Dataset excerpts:
=== Section Start ===

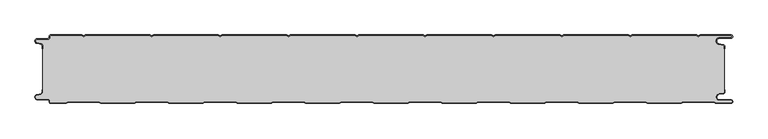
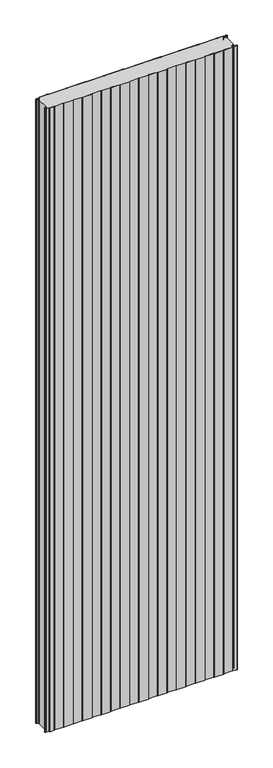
"""IFC4 building model written with IfcOpenShell, lengths in millimetres: plate geometry, PMH_Curtain-PaneL-Standard : ACH_PMH_Stone-wool-Panel_100M."""

from ifc_helpers import new_model, si_unit, point, frame_2d, origin, origin_with_axes, place, context, project, spatial, polyline, circle_curve, trimmed, segment, composite_curve, outline, extrude, source, transform, mapped, element, save


def plate_00faa93f(model_context):
    return source(origin(), model_context, "Body", "SweptSolid", [
        extrude(outline(composite_curve([segment(trimmed(circle_curve(frame_2d((-502.0, -15.878557)), 2.0), [point((-500.0, -15.878557))], [point((-501.5500978, -13.9298169))], True, "CARTESIAN"), True, "CONTINUOUS"), segment(polyline([(-501.5500978, -13.9298169), (-507.7098239, -12.507732)]), True, "CONTINUOUS"), segment(trimmed(circle_curve(frame_2d((-506.9, -9.0)), 3.6), [point((-507.7098239, -12.507732))], [point((-506.9, -5.4))], False, "CARTESIAN"), True, "CONTINUOUS"), segment(polyline([(-506.9, -5.4), (-491.4, -5.4)]), True, "CONTINUOUS"), segment(trimmed(circle_curve(frame_2d((-491.4, -3.4)), 2.0), [point((-491.4, -5.4))], [point((-489.4, -3.4))], True, "CARTESIAN"), True, "CONTINUOUS"), segment(polyline([(-489.4, -3.4), (-489.4, -2.0)]), True, "CONTINUOUS"), segment(trimmed(circle_curve(frame_2d((-487.4, -2.0)), 2.0), [point((-489.4, -2.0))], [point((-487.4, 0.0))], False, "CARTESIAN"), True, "CONTINUOUS"), segment(polyline([(-487.4, 0.0), (-442.0999995, 0.0), (-439.4, -1.5588455), (-436.7000005, 0.0), (-342.0999995, 0.0), (-339.4, -1.5588455), (-336.7000005, 0.0), (-242.0999995, 0.0), (-239.4, -1.5588455), (-236.7000005, 0.0), (-142.0999995, 0.0), (-139.4, -1.5588455), (-136.7000005, 0.0), (-42.0999995, 0.0), (-39.4, -1.5588455), (-36.7000005, 0.0), (57.9000005, 0.0), (60.6, -1.5588455), (63.2999995, 0.0), (157.9000005, 0.0), (160.6, -1.5588455), (163.2999995, 0.0), (257.9000005, 0.0), (260.6, -1.5588455), (263.2999995, 0.0), (357.9000005, 0.0), (360.6, -1.5588455), (363.2999995, 0.0), (457.9000005, 0.0), (460.6, -1.5588455), (463.2999995, 0.0), (508.1, 0.0)]), True, "CONTINUOUS"), segment(trimmed(circle_curve(frame_2d((508.1, -2.5)), 2.5), [point((508.1, 0.0))], [point((508.1, -5.0))], False, "CARTESIAN"), True, "CONTINUOUS"), segment(polyline([(508.1, -5.0), (491.1, -5.0)]), True, "CONTINUOUS"), segment(trimmed(circle_curve(frame_2d((491.1, -9.0)), 4.0), [point((491.1, -5.0))], [point((490.405407, -12.939231))], True, "CARTESIAN"), True, "CONTINUOUS"), segment(polyline([(490.405407, -12.939231), (496.8514855, -14.0758491)]), True, "CONTINUOUS"), segment(trimmed(circle_curve(frame_2d((496.4, -16.6363492)), 2.6), [point((496.8514855, -14.0758491))], [point((499.0, -16.6363492))], False, "CARTESIAN"), True, "CONTINUOUS"), segment(polyline([(499.0, -16.6363492), (499.0, -20.0), (498.2, -20.0), (498.2, -16.6363492)]), True, "CONTINUOUS"), segment(trimmed(circle_curve(frame_2d((496.4, -16.6363492)), 1.8), [point((498.2, -16.6363492))], [point((496.7125669, -14.8636953))], True, "CARTESIAN"), True, "CONTINUOUS"), segment(polyline([(496.7125669, -14.8636953), (490.2664884, -13.7270772)]), True, "CONTINUOUS"), segment(trimmed(circle_curve(frame_2d((491.1, -9.0)), 4.8), [point((490.2664884, -13.7270772))], [point((491.1, -4.2))], False, "CARTESIAN"), True, "CONTINUOUS"), segment(polyline([(491.1, -4.2), (508.1, -4.2)]), True, "CONTINUOUS"), segment(trimmed(circle_curve(frame_2d((508.1, -2.5)), 1.7), [point((508.1, -4.2))], [point((508.1, -0.8))], True, "CARTESIAN"), True, "CONTINUOUS"), segment(polyline([(508.1, -0.8), (463.5143588, -0.8), (460.6, -2.482606), (457.6856412, -0.8), (363.5143588, -0.8), (360.6, -2.482606), (357.6856412, -0.8), (263.5143588, -0.8), (260.6, -2.482606), (257.6856412, -0.8), (163.5143588, -0.8), (160.6, -2.482606), (157.6856412, -0.8), (63.5143588, -0.8), (60.6, -2.482606), (57.6856412, -0.8), (-36.4856412, -0.8), (-39.4, -2.482606), (-42.3143588, -0.8), (-136.4856412, -0.8), (-139.4, -2.482606), (-142.3143588, -0.8), (-236.4856412, -0.8), (-239.4, -2.482606), (-242.3143588, -0.8), (-336.4856412, -0.8), (-339.4, -2.482606), (-342.3143588, -0.8), (-436.4856412, -0.8), (-439.4, -2.482606), (-442.3143588, -0.8), (-487.4, -0.8)]), True, "CONTINUOUS"), segment(trimmed(circle_curve(frame_2d((-487.4, -2.0)), 1.2), [point((-487.4, -0.8))], [point((-488.6, -2.0))], True, "CARTESIAN"), True, "CONTINUOUS"), segment(polyline([(-488.6, -2.0), (-488.6, -3.4)]), True, "CONTINUOUS"), segment(trimmed(circle_curve(frame_2d((-491.4, -3.4)), 2.8), [point((-488.6, -3.4))], [point((-491.4, -6.2))], False, "CARTESIAN"), True, "CONTINUOUS"), segment(polyline([(-491.4, -6.2), (-506.9, -6.2)]), True, "CONTINUOUS"), segment(trimmed(circle_curve(frame_2d((-506.9, -9.0)), 2.8), [point((-506.9, -6.2))], [point((-507.529863, -11.7282362))], True, "CARTESIAN"), True, "CONTINUOUS"), segment(polyline([(-507.529863, -11.7282362), (-501.370137, -13.150321)]), True, "CONTINUOUS"), segment(trimmed(circle_curve(frame_2d((-502.0, -15.878557)), 2.8), [point((-501.370137, -13.150321))], [point((-499.2, -15.878557))], False, "CARTESIAN"), True, "CONTINUOUS"), segment(polyline([(-499.2, -15.878557), (-499.2, -20.0), (-500.0, -20.0), (-500.0, -15.878557)]), True, "CONTINUOUS")], self_intersect=False)), origin_with_axes(), (0.0, 0.0, 1.0), 3500.0),
        extrude(outline(composite_curve([segment(polyline([(-499.2, -84.121443), (-499.2, -15.8785573)]), True, "CONTINUOUS"), segment(trimmed(circle_curve(frame_2d((-502.0, -15.8785573)), 2.8), [point((-499.2, -15.8785573))], [point((-501.370137, -13.1503212))], True, "CARTESIAN"), True, "CONTINUOUS"), segment(polyline([(-501.370137, -13.1503212), (-507.5298631, -11.7282362)]), True, "CONTINUOUS"), segment(trimmed(circle_curve(frame_2d((-506.9, -9.0)), 2.8), [point((-507.5298631, -11.7282362))], [point((-506.9, -6.2))], False, "CARTESIAN"), True, "CONTINUOUS"), segment(polyline([(-506.9, -6.2), (-491.4000001, -6.2)]), True, "CONTINUOUS"), segment(trimmed(circle_curve(frame_2d((-491.4000001, -3.4)), 2.8), [point((-491.4000001, -6.2))], [point((-488.6000001, -3.4))], True, "CARTESIAN"), True, "CONTINUOUS"), segment(polyline([(-488.6000001, -3.4), (-488.6000001, -2.0)]), True, "CONTINUOUS"), segment(trimmed(circle_curve(frame_2d((-487.4000001, -2.0)), 1.2), [point((-488.6000001, -2.0))], [point((-487.4000001, -0.8))], False, "CARTESIAN"), True, "CONTINUOUS"), segment(polyline([(-487.4000001, -0.8), (-442.3143589, -0.8), (-439.4000001, -2.482606), (-436.4856412, -0.8), (-342.3143589, -0.8), (-339.4000001, -2.482606), (-336.4856412, -0.8), (-242.3143589, -0.8), (-239.4000001, -2.482606), (-236.4856412, -0.8), (-142.3143589, -0.8), (-139.4000001, -2.482606), (-136.4856412, -0.8), (-42.3143589, -0.8), (-39.4000001, -2.482606), (-36.4856412, -0.8), (57.6856411, -0.8), (60.5999999, -2.482606), (63.5143588, -0.8), (157.6856411, -0.8), (160.5999999, -2.482606), (163.5143588, -0.8), (257.6856411, -0.8), (260.5999999, -2.482606), (263.5143588, -0.8), (357.6856411, -0.8), (360.5999999, -2.482606), (363.5143588, -0.8), (457.6856411, -0.8), (460.5999999, -2.482606), (463.5143587, -0.8), (508.1, -0.8)]), True, "CONTINUOUS"), segment(trimmed(circle_curve(frame_2d((508.1, -2.5)), 1.7), [point((508.1, -0.8))], [point((508.1, -4.2))], False, "CARTESIAN"), True, "CONTINUOUS"), segment(polyline([(508.1, -4.2), (491.1, -4.2)]), True, "CONTINUOUS"), segment(trimmed(circle_curve(frame_2d((491.1, -9.0)), 4.8), [point((491.1, -4.2))], [point((490.2664883, -13.7270771))], True, "CARTESIAN"), True, "CONTINUOUS"), segment(polyline([(490.2664883, -13.7270771), (496.7125668, -14.8636953)]), True, "CONTINUOUS"), segment(trimmed(circle_curve(frame_2d((496.4, -16.6363492)), 1.8), [point((496.7125668, -14.8636953))], [point((498.2, -16.6363492))], False, "CARTESIAN"), True, "CONTINUOUS"), segment(polyline([(498.2, -16.6363492), (498.2, -83.363652)]), True, "CONTINUOUS"), segment(trimmed(circle_curve(frame_2d((496.4, -83.363652)), 1.8), [point((498.2, -83.363652))], [point((496.7125666, -85.1363059))], False, "CARTESIAN"), True, "CONTINUOUS"), segment(polyline([(496.7125666, -85.1363059), (490.266489, -86.272923)]), True, "CONTINUOUS"), segment(trimmed(circle_curve(frame_2d((491.1, -91.0000002)), 4.7999999), [point((490.266489, -86.272923))], [point((491.1, -95.8000001))], True, "CARTESIAN"), True, "CONTINUOUS"), segment(polyline([(491.1, -95.8000001), (508.1, -95.8000001)]), True, "CONTINUOUS"), segment(trimmed(circle_curve(frame_2d((508.1, -97.5)), 1.7), [point((508.1, -95.8000001))], [point((508.1, -99.2))], False, "CARTESIAN"), True, "CONTINUOUS"), segment(polyline([(508.1, -99.2), (485.8105122, -99.2), (483.2124346, -97.7), (437.9837184, -97.7), (435.3856408, -99.2), (385.8105122, -99.2), (383.2124346, -97.7), (337.9837184, -97.7), (335.3856408, -99.2), (285.8105122, -99.2), (283.2124346, -97.7), (237.9837184, -97.7), (235.3856408, -99.2), (185.8105122, -99.2), (183.2124346, -97.7), (137.9837184, -97.7), (135.3856408, -99.2), (85.8105122, -99.2), (83.2124346, -97.7), (37.9837184, -97.7), (35.3856408, -99.2), (-14.1894878, -99.2), (-16.7875654, -97.7), (-62.0162816, -97.7), (-64.6143592, -99.2), (-114.1894878, -99.2), (-116.7875654, -97.7), (-162.0162816, -97.7), (-164.6143592, -99.2), (-214.1894878, -99.2), (-216.7875654, -97.7), (-262.0162816, -97.7), (-264.6143592, -99.2), (-314.1894878, -99.2), (-316.7875654, -97.7), (-362.0162816, -97.7), (-364.6143592, -99.2), (-414.1894878, -99.2), (-416.7875654, -97.7), (-462.0162816, -97.7), (-464.6143592, -99.2), (-487.4, -99.2)]), True, "CONTINUOUS"), segment(trimmed(circle_curve(frame_2d((-487.4, -98.0)), 1.2), [point((-487.4, -99.2))], [point((-488.6, -98.0))], False, "CARTESIAN"), True, "CONTINUOUS"), segment(polyline([(-488.6, -98.0), (-488.6, -96.5999998)]), True, "CONTINUOUS"), segment(trimmed(circle_curve(frame_2d((-491.4, -96.5999998)), 2.8), [point((-488.6, -96.5999998))], [point((-491.4, -93.7999998))], True, "CARTESIAN"), True, "CONTINUOUS"), segment(polyline([(-491.4, -93.7999998), (-506.9, -93.7999998)]), True, "CONTINUOUS"), segment(trimmed(circle_curve(frame_2d((-506.9, -91.0)), 2.7999998), [point((-506.9, -93.7999998))], [point((-507.529863, -88.271764))], False, "CARTESIAN"), True, "CONTINUOUS"), segment(polyline([(-507.529863, -88.271764), (-501.370137, -86.8496792)]), True, "CONTINUOUS"), segment(trimmed(circle_curve(frame_2d((-502.0, -84.121443)), 2.8), [point((-501.370137, -86.8496792))], [point((-499.2, -84.121443))], True, "CARTESIAN"), True, "CONTINUOUS")], self_intersect=False)), origin_with_axes(), (0.0, 0.0, 1.0), 3500.0),
        extrude(outline(composite_curve([segment(trimmed(circle_curve(frame_2d((-487.4, -98.0)), 2.0), [point((-487.4, -100.0))], [point((-489.4, -98.0))], False, "CARTESIAN"), True, "CONTINUOUS"), segment(polyline([(-489.4, -98.0), (-489.4, -96.6)]), True, "CONTINUOUS"), segment(trimmed(circle_curve(frame_2d((-491.4, -96.6)), 2.0), [point((-489.4, -96.6))], [point((-491.4, -94.6))], True, "CARTESIAN"), True, "CONTINUOUS"), segment(polyline([(-491.4, -94.6), (-506.9, -94.6)]), True, "CONTINUOUS"), segment(trimmed(circle_curve(frame_2d((-506.9, -91.0)), 3.6), [point((-506.9, -94.6))], [point((-507.7098239, -87.4922678))], False, "CARTESIAN"), True, "CONTINUOUS"), segment(polyline([(-507.7098239, -87.4922678), (-501.5500979, -86.070183)]), True, "CONTINUOUS"), segment(trimmed(circle_curve(frame_2d((-502.0, -84.121443)), 2.0), [point((-501.5500979, -86.070183))], [point((-500.0, -84.121443))], True, "CARTESIAN"), True, "CONTINUOUS"), segment(polyline([(-500.0, -84.121443), (-500.0, -80.0), (-499.2, -80.0), (-499.2, -84.121443)]), True, "CONTINUOUS"), segment(trimmed(circle_curve(frame_2d((-502.0, -84.121443)), 2.8), [point((-499.2, -84.121443))], [point((-501.370137, -86.8496792))], False, "CARTESIAN"), True, "CONTINUOUS"), segment(polyline([(-501.370137, -86.8496792), (-507.529863, -88.271764)]), True, "CONTINUOUS"), segment(trimmed(circle_curve(frame_2d((-506.9, -91.0)), 2.8), [point((-507.529863, -88.271764))], [point((-506.9, -93.8))], True, "CARTESIAN"), True, "CONTINUOUS"), segment(polyline([(-506.9, -93.8), (-491.4, -93.8)]), True, "CONTINUOUS"), segment(trimmed(circle_curve(frame_2d((-491.4, -96.6)), 2.8), [point((-491.4, -93.8))], [point((-488.6, -96.6))], False, "CARTESIAN"), True, "CONTINUOUS"), segment(polyline([(-488.6, -96.6), (-488.6, -98.0)]), True, "CONTINUOUS"), segment(trimmed(circle_curve(frame_2d((-487.4, -98.0)), 1.2), [point((-488.6, -98.0))], [point((-487.4, -99.2))], True, "CARTESIAN"), True, "CONTINUOUS"), segment(polyline([(-487.4, -99.2), (-464.6143592, -99.2), (-462.0162816, -97.7), (-416.7875654, -97.7), (-414.1894878, -99.2), (-364.6143592, -99.2), (-362.0162816, -97.7), (-316.7875654, -97.7), (-314.1894878, -99.2), (-264.6143592, -99.2), (-262.0162816, -97.7), (-216.7875654, -97.7), (-214.1894878, -99.2), (-164.6143592, -99.2), (-162.0162816, -97.7), (-116.7875654, -97.7), (-114.1894878, -99.2), (-64.6143592, -99.2), (-62.0162816, -97.7), (-16.7875654, -97.7), (-14.1894878, -99.2), (35.3856408, -99.2), (37.9837184, -97.7), (83.2124346, -97.7), (85.8105122, -99.2), (135.3856408, -99.2), (137.9837184, -97.7), (183.2124346, -97.7), (185.8105122, -99.2), (235.3856408, -99.2), (237.9837184, -97.7), (283.2124346, -97.7), (285.8105122, -99.2), (335.3856408, -99.2), (337.9837184, -97.7), (383.2124346, -97.7), (385.8105122, -99.2), (435.3856408, -99.2), (437.9837184, -97.7), (483.2124346, -97.7), (485.8105122, -99.2), (508.1, -99.2)]), True, "CONTINUOUS"), segment(trimmed(circle_curve(frame_2d((508.1, -97.5)), 1.7), [point((508.1, -99.2))], [point((508.1, -95.8))], True, "CARTESIAN"), True, "CONTINUOUS"), segment(polyline([(508.1, -95.8), (491.1, -95.8)]), True, "CONTINUOUS"), segment(trimmed(circle_curve(frame_2d((491.1, -91.0)), 4.8), [point((491.1, -95.8))], [point((490.266489, -86.2729227))], False, "CARTESIAN"), True, "CONTINUOUS"), segment(polyline([(490.266489, -86.2729227), (496.7125666, -85.1363058)]), True, "CONTINUOUS"), segment(trimmed(circle_curve(frame_2d((496.4, -83.363652)), 1.8), [point((496.7125666, -85.1363058))], [point((498.2, -83.363652))], True, "CARTESIAN"), True, "CONTINUOUS"), segment(polyline([(498.2, -83.363652), (498.2, -80.0), (499.0, -80.0), (499.0, -83.363652)]), True, "CONTINUOUS"), segment(trimmed(circle_curve(frame_2d((496.4, -83.363652)), 2.6), [point((499.0, -83.363652))], [point((496.8514851, -85.9241522))], False, "CARTESIAN"), True, "CONTINUOUS"), segment(polyline([(496.8514851, -85.9241522), (490.4054075, -87.0607691)]), True, "CONTINUOUS"), segment(trimmed(circle_curve(frame_2d((491.1, -91.0)), 4.0), [point((490.4054075, -87.0607691))], [point((491.1, -95.0))], True, "CARTESIAN"), True, "CONTINUOUS"), segment(polyline([(491.1, -95.0), (508.1, -95.0)]), True, "CONTINUOUS"), segment(trimmed(circle_curve(frame_2d((508.1, -97.5)), 2.5), [point((508.1, -95.0))], [point((508.1, -100.0))], False, "CARTESIAN"), True, "CONTINUOUS"), segment(polyline([(508.1, -100.0), (485.5961529, -100.0), (482.9980753, -98.5), (438.1980777, -98.5), (435.6000001, -100.0), (385.5961529, -100.0), (382.9980753, -98.5), (338.1980777, -98.5), (335.6000001, -100.0), (285.5961529, -100.0), (282.9980753, -98.5), (238.1980777, -98.5), (235.6000001, -100.0), (185.5961529, -100.0), (182.9980753, -98.5), (138.1980777, -98.5), (135.6000001, -100.0), (85.5961529, -100.0), (82.9980753, -98.5), (38.1980777, -98.5), (35.6000001, -100.0), (-14.4038471, -100.0), (-17.0019247, -98.5), (-61.8019223, -98.5), (-64.3999999, -100.0), (-114.4038471, -100.0), (-117.0019247, -98.5), (-161.8019223, -98.5), (-164.3999999, -100.0), (-214.4038471, -100.0), (-217.0019247, -98.5), (-261.8019223, -98.5), (-264.3999999, -100.0), (-314.4038471, -100.0), (-317.0019247, -98.5), (-361.8019223, -98.5), (-364.3999999, -100.0), (-414.4038471, -100.0), (-417.0019247, -98.5), (-461.8019223, -98.5), (-464.3999999, -100.0), (-487.4, -100.0)]), True, "CONTINUOUS")], self_intersect=False)), origin_with_axes(), (0.0, 0.0, 1.0), 3500.0),
    ])


if __name__ == "__main__":
    model = new_model("IFC4")
    model_context = context("Model", 3, world=origin())
    ifc_project = project(units=[si_unit("LENGTHUNIT", "METRE", prefix="MILLI")], contexts=[model_context])
    site = spatial("IfcSite", under=ifc_project)
    building = spatial("IfcBuilding", under=site)
    placement = place(None, origin())
    plate_shape = plate_00faa93f(model_context)
    element("IfcPlate", 1, ObjectType="PMH_Curtain-PaneL-Standard : ACH_PMH_Stone-wool-Panel_100M", at=placement, inside=building, context=model_context, shape_type="MappedRepresentation", body=[
        mapped(plate_shape, transform((0.0, 0.0, 0.0), x_axis=(1.0, 0.0, 0.0), y_axis=(0.0, 1.0, 0.0), z_axis=(0.0, 0.0, 1.0))),
    ])
    save(model, "model.ifc")

=== Section End ===

▶ **What you are asked to do**:
Copy out every line of the data in which the word "under" is found.

▶ **Written response**:
    site = spatial("IfcSite", under=ifc_project)
    building = spatial("IfcBuilding", under=site)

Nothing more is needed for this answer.